On the Hydrodynamics of Anomalocaris Tail Fins

Abstract

This thesis examines the hydrodynamic performance of a tail-fin abstraction of Anomalocaris canadensis, a large arthropod from the Cambrian period believed to have been an apex predator. Through direct force measurements and stereoscopic particle image velocimetry, it was found that a flat plate with a multi-vane geometry inspired by preservations of Anomalocaris exhibited a region of enhanced steady-state lift and drag at angles of attack greater than 25° when compared to an equivalent delta-wing plate. These shapes showed little difference during acceleration from rest; however, at an angle of attack of 30°, the lift and drag measured on the multi-vane model were 15.3% and 17.0% higher than the delta-wing model, respectively.

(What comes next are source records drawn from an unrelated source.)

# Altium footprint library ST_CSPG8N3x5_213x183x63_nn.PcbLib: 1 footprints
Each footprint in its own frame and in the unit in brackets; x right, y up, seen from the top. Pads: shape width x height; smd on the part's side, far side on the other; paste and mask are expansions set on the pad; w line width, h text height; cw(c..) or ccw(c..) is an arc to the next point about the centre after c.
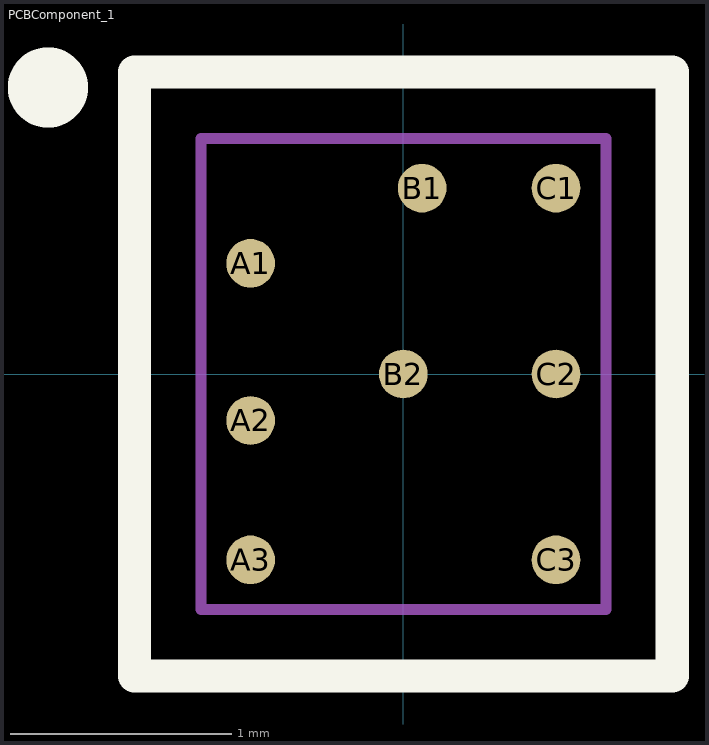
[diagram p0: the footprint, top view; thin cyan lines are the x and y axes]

## PCBComponent_1 [mm]
pads (8):
  round 0.22 smd paste+0 mask+0.05: A1(-0.69,0.5) A2(-0.69,-0.21) A3(-0.69,-0.84) B1(0.085,0.84) B2(0,0) C1(0.69,0.84) C2(0.69,0) C3(0.69,-0.84)
Top Overlay:
  circle w0.254: c-1.606,1.295 r0.054
  lines w0.15: -1.215,-1.365 1.215,-1.365 1.215,1.365 -1.215,1.365 -1.215,-1.365
Top Paste:
  rectangle: -0.025,0.73 0.195,0.95
  rectangle: 0.58,0.73 0.8,0.95
  rectangle: -0.8,0.39 -0.58,0.61
  rectangle: -0.11,-0.11 0.11,0.11
  rectangle: 0.58,-0.11 0.8,0.11
  rectangle: -0.8,-0.32 -0.58,-0.1
  rectangle: -0.8,-0.95 -0.58,-0.73
  rectangle: 0.58,-0.95 0.8,-0.73
Mechanical 3:
  lines w0.05: -0.915,-1.065 -0.915,1.065 0.915,1.065 0.915,-1.065 -0.915,-1.065
3D body "CSPG_8_Bumps_2-13x1-83x0-63_color.STEP": height 0.63, standoff -0.01, extent -0.915,-1.069 0.915,1.061

It was found that the secondary and tertiary vanes of the tail-fin abstraction encourage the formation of additional leading-edge vortices, similar to those frequently seen on natural propulsors. The formation of these additional leading-edge vortices is confirmed by the increase in streamwise circulation measured using particle image velocimetry near the additional leading edges along the length of the chord. The results of the current study suggest that the enhanced resultant normal force on the tail fin of Anomalocaris made it well-suited for manoeuvres, giving it the ability to turn quickly and through small radii of curvature.